▶ _Work required_: Lines before the one containing "#49858=CARTESIAN_POINT('',(309.012,-183.6,-56.855));" are not wanted. Transcribe that line and all after it exactly, to the end of the entries.

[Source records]
--- --- ---

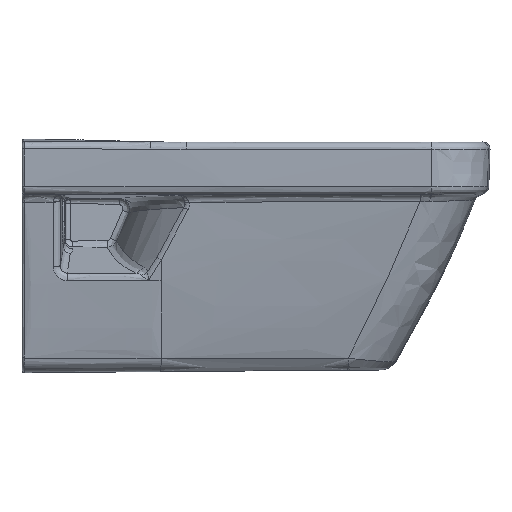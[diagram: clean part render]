
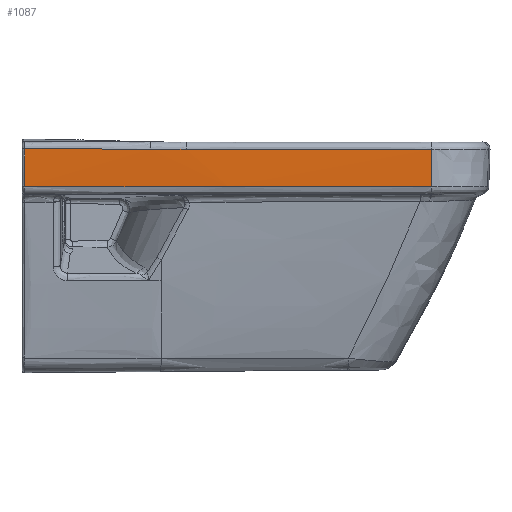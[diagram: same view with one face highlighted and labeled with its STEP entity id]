
A CAD part, front view. The second image highlights one B-rep face of the part: STEP entity #1087.
In plain terms, the highlighted free-form (B-spline) face has degree [3, 3] with [8, 7] control points.
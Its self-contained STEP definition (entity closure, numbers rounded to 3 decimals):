
#738=B_SPLINE_SURFACE_WITH_KNOTS('',3,3,((#49811,#49812,#49813,#49814,#49815,
#49816,#49817),(#49818,#49819,#49820,#49821,#49822,#49823,#49824),(#49825,
#49826,#49827,#49828,#49829,#49830,#49831),(#49832,#49833,#49834,#49835,
#49836,#49837,#49838),(#49839,#49840,#49841,#49842,#49843,#49844,#49845),
(#49846,#49847,#49848,#49849,#49850,#49851,#49852),(#49853,#49854,#49855,
#49856,#49857,#49858,#49859),(#49860,#49861,#49862,#49863,#49864,#49865,
#49866)),.UNSPECIFIED.,.F.,.F.,.F.,(4,2,2,4),(4,1,1,1,4),(0.,0.13,
0.843,1.),(0.,0.19,0.199,0.2,1.),
 .UNSPECIFIED.);
#1087=ADVANCED_FACE('',(#1491),#738,.T.);
#1491=FACE_OUTER_BOUND('',#1893,.T.);
#1893=EDGE_LOOP('',(#3611,#3612,#3613,#3614,#3615,#3616,#3617));
#3611=ORIENTED_EDGE('',*,*,#5258,.T.);
#3612=ORIENTED_EDGE('',*,*,#5272,.T.);
#3613=ORIENTED_EDGE('',*,*,#5273,.T.);
#3614=ORIENTED_EDGE('',*,*,#5222,.F.);
#3615=ORIENTED_EDGE('',*,*,#4941,.T.);
#3616=ORIENTED_EDGE('',*,*,#4938,.T.);
#3617=ORIENTED_EDGE('',*,*,#5259,.T.);
#4207=VERTEX_POINT('',#33628);
#4210=VERTEX_POINT('',#33666);
#4211=VERTEX_POINT('',#33688);
#4373=VERTEX_POINT('',#44977);
#4387=VERTEX_POINT('',#49016);
#4388=VERTEX_POINT('',#49021);
#4396=VERTEX_POINT('',#49806);
#4938=EDGE_CURVE('',#4207,#4210,#5642,.T.);
#4941=EDGE_CURVE('',#4211,#4207,#5644,.T.);
#5222=EDGE_CURVE('',#4211,#4373,#5846,.T.);
#5258=EDGE_CURVE('',#4388,#4387,#5878,.T.);
#5259=EDGE_CURVE('',#4210,#4388,#5879,.T.);
#5272=EDGE_CURVE('',#4387,#4396,#5892,.T.);
#5273=EDGE_CURVE('',#4396,#4373,#5893,.T.);
#5642=B_SPLINE_CURVE_WITH_KNOTS('',3,(#33667,#33668,#33669,#33670,#33671,
#33672,#33673,#33674),.UNSPECIFIED.,.F.,.F.,(4,2,2,4),(0.,0.311,
0.622,1.),.UNSPECIFIED.);
#5644=B_SPLINE_CURVE_WITH_KNOTS('',3,(#33741,#33742,#33743,#33744,#33745,
#33746,#33747,#33748),.UNSPECIFIED.,.F.,.F.,(4,2,2,4),(0.,0.25,0.5,1.),
 .UNSPECIFIED.);
#5846=B_SPLINE_CURVE_WITH_KNOTS('',3,(#44973,#44974,#44975,#44976),
 .UNSPECIFIED.,.F.,.F.,(4,4),(0.,1.),.UNSPECIFIED.);
#5878=B_SPLINE_CURVE_WITH_KNOTS('',3,(#49017,#49018,#49019,#49020),
 .UNSPECIFIED.,.F.,.F.,(4,4),(0.,1.),.UNSPECIFIED.);
#5879=B_SPLINE_CURVE_WITH_KNOTS('',3,(#49022,#49023,#49024,#49025,#49026,
#49027,#49028,#49029,#49030,#49031,#49032),.UNSPECIFIED.,.F.,.F.,(4,2,2,
3,4),(0.,0.4,0.799,0.934,1.),
 .UNSPECIFIED.);
#5892=B_SPLINE_CURVE_WITH_KNOTS('',3,(#49802,#49803,#49804,#49805),
 .UNSPECIFIED.,.F.,.F.,(4,4),(0.,1.),.UNSPECIFIED.);
#5893=B_SPLINE_CURVE_WITH_KNOTS('',3,(#49807,#49808,#49809,#49810),
 .UNSPECIFIED.,.F.,.F.,(4,4),(0.,1.),.UNSPECIFIED.);
#33628=CARTESIAN_POINT('',(185.79,-184.959,-8.19));
#33666=CARTESIAN_POINT('',(145.676,-184.875,-8.072));
#33667=CARTESIAN_POINT('',(185.79,-184.959,-8.19));
#33668=CARTESIAN_POINT('',(181.631,-184.956,-8.18));
#33669=CARTESIAN_POINT('',(177.473,-184.951,-8.168));
#33670=CARTESIAN_POINT('',(169.156,-184.938,-8.144));
#33671=CARTESIAN_POINT('',(164.997,-184.93,-8.132));
#33672=CARTESIAN_POINT('',(155.784,-184.907,-8.104));
#33673=CARTESIAN_POINT('',(150.73,-184.893,-8.09));
#33674=CARTESIAN_POINT('',(145.676,-184.875,-8.072));
#33688=CARTESIAN_POINT('',(463.726,-182.563,-8.195));
#33741=CARTESIAN_POINT('',(463.726,-182.563,-8.195));
#33742=CARTESIAN_POINT('',(440.567,-182.98,-8.251));
#33743=CARTESIAN_POINT('',(417.407,-183.343,-8.245));
#33744=CARTESIAN_POINT('',(371.086,-183.959,-8.285));
#33745=CARTESIAN_POINT('',(347.925,-184.213,-8.302));
#33746=CARTESIAN_POINT('',(278.44,-184.811,-8.325));
#33747=CARTESIAN_POINT('',(232.115,-184.993,-8.301));
#33748=CARTESIAN_POINT('',(185.79,-184.959,-8.19));
#44973=CARTESIAN_POINT('',(463.727,-182.6,0.));
#44974=CARTESIAN_POINT('',(463.727,-182.6,-20.015));
#44975=CARTESIAN_POINT('',(463.715,-181.933,-40.03));
#44976=CARTESIAN_POINT('',(463.691,-180.6,-60.));
#44977=CARTESIAN_POINT('',(463.701,-181.18,-50.561));
#49016=CARTESIAN_POINT('',(2.961,-183.705,-7.817));
#49017=CARTESIAN_POINT('',(3.948,-183.718,-7.817));
#49018=CARTESIAN_POINT('',(3.619,-183.713,-7.817));
#49019=CARTESIAN_POINT('',(3.29,-183.709,-7.817));
#49020=CARTESIAN_POINT('',(2.961,-183.705,-7.817));
#49021=CARTESIAN_POINT('',(3.948,-183.718,-7.817));
#49022=CARTESIAN_POINT('',(145.676,-184.875,-8.072));
#49023=CARTESIAN_POINT('',(125.46,-184.806,-8.));
#49024=CARTESIAN_POINT('',(105.244,-184.696,-7.945));
#49025=CARTESIAN_POINT('',(64.812,-184.393,-7.862));
#49026=CARTESIAN_POINT('',(44.596,-184.201,-7.836));
#49027=CARTESIAN_POINT('',(17.57,-183.889,-7.82));
#49028=CARTESIAN_POINT('',(10.759,-183.806,-7.818));
#49029=CARTESIAN_POINT('',(3.948,-183.718,-7.817));
#49030=CARTESIAN_POINT('',(0.615,-183.675,-7.816));
#49031=CARTESIAN_POINT('',(-2.718,-183.63,-7.816));
#49032=CARTESIAN_POINT('',(-6.051,-183.585,-7.816));
#49802=CARTESIAN_POINT('',(2.961,-183.705,-7.817));
#49803=CARTESIAN_POINT('',(2.961,-183.581,-22.074));
#49804=CARTESIAN_POINT('',(2.961,-183.119,-36.326));
#49805=CARTESIAN_POINT('',(2.961,-182.319,-50.562));
#49806=CARTESIAN_POINT('',(2.961,-182.319,-50.561));
#49807=CARTESIAN_POINT('',(2.961,-182.319,-50.562));
#49808=CARTESIAN_POINT('',(156.535,-184.309,-50.561));
#49809=CARTESIAN_POINT('',(310.14,-183.95,-50.561));
#49810=CARTESIAN_POINT('',(463.701,-181.18,-50.561));
#49811=CARTESIAN_POINT('',(-115.921,-181.762,0.));
#49812=CARTESIAN_POINT('',(-79.19,-182.494,0.));
#49813=CARTESIAN_POINT('',(-40.74,-183.155,0.));
#49814=CARTESIAN_POINT('',(-2.098,-183.672,0.));
#49815=CARTESIAN_POINT('',(154.378,-185.738,0.));
#49816=CARTESIAN_POINT('',(309.17,-185.387,0.));
#49817=CARTESIAN_POINT('',(463.727,-182.6,0.));
#49818=CARTESIAN_POINT('',(-115.921,-181.762,-2.606));
#49819=CARTESIAN_POINT('',(-79.19,-182.494,-2.606));
#49820=CARTESIAN_POINT('',(-40.74,-183.155,-2.606));
#49821=CARTESIAN_POINT('',(-2.098,-183.672,-2.606));
#49822=CARTESIAN_POINT('',(154.378,-185.738,-2.606));
#49823=CARTESIAN_POINT('',(309.17,-185.387,-2.606));
#49824=CARTESIAN_POINT('',(463.727,-182.6,-2.606));
#49825=CARTESIAN_POINT('',(-115.924,-181.751,-5.211));
#49826=CARTESIAN_POINT('',(-79.193,-182.483,-5.211));
#49827=CARTESIAN_POINT('',(-40.743,-183.144,-5.211));
#49828=CARTESIAN_POINT('',(-2.101,-183.661,-5.211));
#49829=CARTESIAN_POINT('',(154.376,-185.726,-5.211));
#49830=CARTESIAN_POINT('',(309.169,-185.376,-5.211));
#49831=CARTESIAN_POINT('',(463.727,-182.589,-5.211));
#49832=CARTESIAN_POINT('',(-115.966,-181.604,-22.074));
#49833=CARTESIAN_POINT('',(-79.231,-182.336,-22.074));
#49834=CARTESIAN_POINT('',(-40.779,-182.997,-22.074));
#49835=CARTESIAN_POINT('',(-2.134,-183.514,-22.074));
#49836=CARTESIAN_POINT('',(154.353,-185.579,-22.074));
#49837=CARTESIAN_POINT('',(309.156,-185.231,-22.073));
#49838=CARTESIAN_POINT('',(463.724,-182.442,-22.073));
#49839=CARTESIAN_POINT('',(-116.096,-181.164,-36.329));
#49840=CARTESIAN_POINT('',(-79.354,-181.889,-36.329));
#49841=CARTESIAN_POINT('',(-40.894,-182.541,-36.328));
#49842=CARTESIAN_POINT('',(-2.241,-183.05,-36.328));
#49843=CARTESIAN_POINT('',(154.28,-185.116,-36.327));
#49844=CARTESIAN_POINT('',(309.115,-184.77,-36.327));
#49845=CARTESIAN_POINT('',(463.716,-181.98,-36.326));
#49846=CARTESIAN_POINT('',(-116.371,-180.155,-53.709));
#49847=CARTESIAN_POINT('',(-79.612,-180.888,-53.709));
#49848=CARTESIAN_POINT('',(-41.135,-181.551,-53.709));
#49849=CARTESIAN_POINT('',(-2.465,-182.071,-53.709));
#49850=CARTESIAN_POINT('',(154.125,-184.137,-53.709));
#49851=CARTESIAN_POINT('',(309.029,-183.793,-53.708));
#49852=CARTESIAN_POINT('',(463.698,-181.004,-53.708));
#49853=CARTESIAN_POINT('',(-116.425,-179.966,-56.855));
#49854=CARTESIAN_POINT('',(-79.664,-180.698,-56.855));
#49855=CARTESIAN_POINT('',(-41.183,-181.359,-56.855));
#49856=CARTESIAN_POINT('',(-2.509,-181.877,-56.855));
#49857=CARTESIAN_POINT('',(154.094,-183.944,-56.855));
#49858=CARTESIAN_POINT('',(309.012,-183.6,-56.855));
#49859=CARTESIAN_POINT('',(463.695,-180.81,-56.855));
#49860=CARTESIAN_POINT('',(-116.484,-179.755,-60.));
#49861=CARTESIAN_POINT('',(-79.719,-180.487,-60.));
#49862=CARTESIAN_POINT('',(-41.235,-181.148,-60.));
#49863=CARTESIAN_POINT('',(-2.558,-181.666,-60.));
#49864=CARTESIAN_POINT('',(154.061,-183.733,-60.));
#49865=CARTESIAN_POINT('',(308.993,-183.39,-60.));
#49866=CARTESIAN_POINT('',(463.691,-180.6,-60.));

--- --- ---

▶ _Solution to the problem_:
#49858=CARTESIAN_POINT('',(309.012,-183.6,-56.855));
#49859=CARTESIAN_POINT('',(463.695,-180.81,-56.855));
#49860=CARTESIAN_POINT('',(-116.484,-179.755,-60.));
#49861=CARTESIAN_POINT('',(-79.719,-180.487,-60.));
#49862=CARTESIAN_POINT('',(-41.235,-181.148,-60.));
#49863=CARTESIAN_POINT('',(-2.558,-181.666,-60.));
#49864=CARTESIAN_POINT('',(154.061,-183.733,-60.));
#49865=CARTESIAN_POINT('',(308.993,-183.39,-60.));
#49866=CARTESIAN_POINT('',(463.691,-180.6,-60.));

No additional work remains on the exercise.